(Records from a collection)
****

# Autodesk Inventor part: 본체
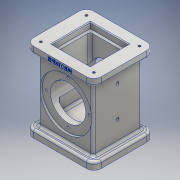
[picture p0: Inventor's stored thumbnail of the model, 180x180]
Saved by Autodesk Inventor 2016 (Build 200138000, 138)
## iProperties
Created: 2017-08
Part Number: 본체
Material: 알루미늄 6061
Document SubType Name: Modeling
Designer: USER
Mass: 790.515 g
Surface Area: 623.184 cm^2
Volume: 292.783 cm^3
Density: 2.7 g/cm^3
Appearance: 알루미늄 - 평지
Author: USER
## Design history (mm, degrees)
sketch "스케치1"
  geometry: L1 (0, 0)-(0, 10); L2 (0, 10)-(8, 10); L3 (8, 10)-(8, 98); L4 (8, 98)-(0, 98); L5 (0, 98)-(0, 108); L6 (0, 108)-(82, 108); L7 (82, 108)-(82, 98); L8 (82, 98)-(74, 98); L9 (74, 98)-(74, 10); L10 (74, 10)-(82, 10); L11 (82, 10)-(82, 0); L12 (82, 0)-(0, 0); L13 (8, 10)-(74, 10); L14 (8, 98)-(74, 98)
  constraints: 28 end point, 8 perpendicular, 4 point on line, 2 horizontal, 1 vertical
  dimensions: "d0" = 108 distance between parallel lines of L12 L6; "d1" = 10 distance between parallel lines of L4 L6; "d2" = 10 distance between parallel lines of L12 L2; "d7" = 8 distance of L3.end L4.end; "d11" = 82 distance between parallel lines of L7 L5; "d12" = 82 distance between parallel lines of L11 L1; "d13" = 66 distance between parallel lines of L3 L9; "d14" = 10 distance between parallel lines of L6 L8
extrude "돌출5" new body sketch "스케치1" stored distance "d73" = 74; taper "d74" = 0 deg
extrude "돌출6" join sketch "스케치1" stored distance "d75" = 92; taper "d76" = 0 deg
sketch "스케치12"
  geometry: 1 further point
node "작업 평면4"
sketch "스케치13"
  geometry: L1 (8, 10)-(8, 98) reference; L2 (8, 54)-(74, 54); L3 (74, 98)-(74, 10) reference; L4 (8, 54)-(8, 89); L5 (8, 89)-(11, 89); L6 (11, 89)-(11, 78); L7 (11, 78)-(71, 78); L8 (71, 78)-(71, 89); L9 (71, 89)-(74, 89); L10 (74, 89)-(74, 54); 1 further point
  constraints: 16 end point, 4 point on line, 3 perpendicular, 2 midpoint, 1 collinear, 1 horizontal
  dimensions: "d78" = 3 distance of L4.end L5.end; "d79" = 3 distance of L8.end L9.end; "d80" = 48 diameter of L7 L2; "d81" = 70 diameter of L5.end L2
revolve "회전2" sketch "스케치13" stored, may be unused: angle "d82" = 90 deg
sketch "스케치14"
  geometry: L1 (24, 19)-(68, 19); L2 (68, 19)-(68, 63); L3 (68, 63)-(24, 63); L4 (24, 63)-(24, 19); L5 (20, 15)-(72, 15); L6 (72, 15)-(72, 67); L7 (72, 67)-(20, 67); L8 (20, 67)-(20, 15); L9 (0, 0)-(0, 82) reference; L10 (0, 0)-(92, 0) reference; 8 further points
  constraints: 16 end point, 7 midpoint, 4 parallel, 2 horizontal, 2 horizontal alignment, 2 perpendicular, 2 vertical alignment
  dimensions: "d83" = 52 distance of L7.end L5.start; "d84" = 52 distance of L6.end L7.end; "d85" = 44 distance of L3.end L1.start; "d86" = 44 distance of L1.start L1.end
extrude "돌출7" cut sketch "스케치14" distance "d87" = 8; taper "d88" = 0 deg
extrude "돌출8" cut sketch "스케치14" distance "d89" = 82; taper "d90" = 0 deg
sketch "스케치15"
  geometry: L1 (22, -65)-(70, -65); L2 (70, -65)-(70, -17); L3 (70, -17)-(22, -17); L4 (22, -17)-(22, -65); L5 (0, -82)-(0, 0) reference; L6 (0, -82)-(92, -82) reference; 5 further points
  constraints: 8 end point, 4 midpoint, 2 parallel, 1 horizontal, 1 horizontal alignment, 1 perpendicular, 1 vertical alignment
  dimensions: "d91" = 48 distance of L3.end L1.start; "d92" = 48 distance of L2.end L3.end
extrude "돌출9" cut sketch "스케치15" distance "d93" = 16; taper "d94" = 0 deg
sketch "스케치16"
  geometry: L1 (10, 72)-(82, 72); L2 (82, 72)-(82, 10); L3 (82, 10)-(10, 10); L4 (10, 10)-(10, 72); L5 (0, 82)-(92, 82) reference; L6 (0, 0)-(0, 82) reference; 9 further points
  constraints: 8 end point, 4 coincident, 4 midpoint, 2 parallel, 1 horizontal, 1 horizontal alignment, 1 perpendicular, 1 vertical alignment
  dimensions: "d95" = 72 distance of L1.start L1.end; "d96" = 62 distance of L3.end L1.start
hole "구멍4" sketch "스케치16" at (10, 72), (10, 10), (82, 10), (82, 72) diameter "d97" = 3.242; stored, may be unused: countersink angle "d101" = 90 deg, drill point angle "d103" = 118 deg; dims "d98" = 4, "d99" = 4, "d100" = 2, "d102" = 6
node "작업 평면5"
sketch "스케치17" dims "d104" = 58
  geometry: C1 r 35 at (0, 0) reference; 3 further points
  constraints: 1 coincident, 1 vertical alignment, 2 other
hole "구멍5" sketch "스케치17" at (0, 29) diameter "d105" = 3.242; stored, may be unused: countersink angle "d109" = 90 deg, drill point angle "d111" = 118 deg; dims "d106" = 4, "d107" = 4, "d108" = 2, "d110" = 6
node "작업 평면6"
sketch "스케치18"
  geometry: L1 (-108, 82)-(-108, 0) reference; L2 (0, 0)-(0, 82) reference; 4 further points
  constraints: 2 horizontal alignment, 2 midpoint
  dimensions: "d115" = 38 distance from line of L2 point (-38, 41); "d116" = 42 distance of point (-38, 41) point (-80, 41)
hole "구멍6" sketch "스케치18" at (-80, 41), (-38, 41) diameter "d117" = 4.134; stored, may be unused: countersink angle "d121" = 90 deg, drill point angle "d123" = 118 deg; dims "d118" = 20, "d119" = 4, "d120" = 2, "d122" = 20
fillet "모깎기2" dims "d124" = 10
chamfer "모따기2" distance "d125" = 1; stored, may be unused: second distance "d126" = 2, angle "d127" = 45 deg
fillet "모깎기3" dims "d128" = 3
fillet "모깎기4" dims "d129" = 3
fillet "모깎기5" dims "d130" = 3
fillet "모깎기6" dims "d131" = 3
sketch "스케치19"
  geometry: L1 (0, 0)-(72, 0) reference; L2 (-10, 0)-(-10, -7) reference; 2 further points
  constraints: 1 other
  dimensions: "d132" = 4 distance from line of L1 point (36, -4); "d133" = 46 distance from line of L2 point (36, -4)
feature "엠보싱2" sketch "스케치19" dims "d0" = 108, "d1" = 10, "d2" = 10, "d7" = 8, "d11" = 82, "d12" = 82, "d13" = 66, "d14" = 10, "d134" = 0.5, "d135" = 0
fillet "모깎기7" dims "d136" = 3
fillet "모깎기8" dims "d137" = 3
node "솔리드2"
mirror "대칭3"
pattern_circular "원형 패턴2" dims angle "d113" = 360 deg
mirror "대칭4"
other parameters: "d77" = 0

****

- [Try it] Write out, word for word, the lines from the first line of the entries through the one containing "constraints: 28 end", both included. Leave out the pictures.

- [Answer to the exercise]
# Autodesk Inventor part: 본체
[picture p0: Inventor's stored thumbnail of the model, 180x180]
Saved by Autodesk Inventor 2016 (Build 200138000, 138)
## iProperties
Created: 2017-08
Part Number: 본체
Material: 알루미늄 6061
Document SubType Name: Modeling
Designer: USER
Mass: 790.515 g
Surface Area: 623.184 cm^2
Volume: 292.783 cm^3
Density: 2.7 g/cm^3
Appearance: 알루미늄 - 평지
Author: USER
## Design history (mm, degrees)
sketch "스케치1"
  geometry: L1 (0, 0)-(0, 10); L2 (0, 10)-(8, 10); L3 (8, 10)-(8, 98); L4 (8, 98)-(0, 98); L5 (0, 98)-(0, 108); L6 (0, 108)-(82, 108); L7 (82, 108)-(82, 98); L8 (82, 98)-(74, 98); L9 (74, 98)-(74, 10); L10 (74, 10)-(82, 10); L11 (82, 10)-(82, 0); L12 (82, 0)-(0, 0); L13 (8, 10)-(74, 10); L14 (8, 98)-(74, 98)
  constraints: 28 end point, 8 perpendicular, 4 point on line, 2 horizontal, 1 vertical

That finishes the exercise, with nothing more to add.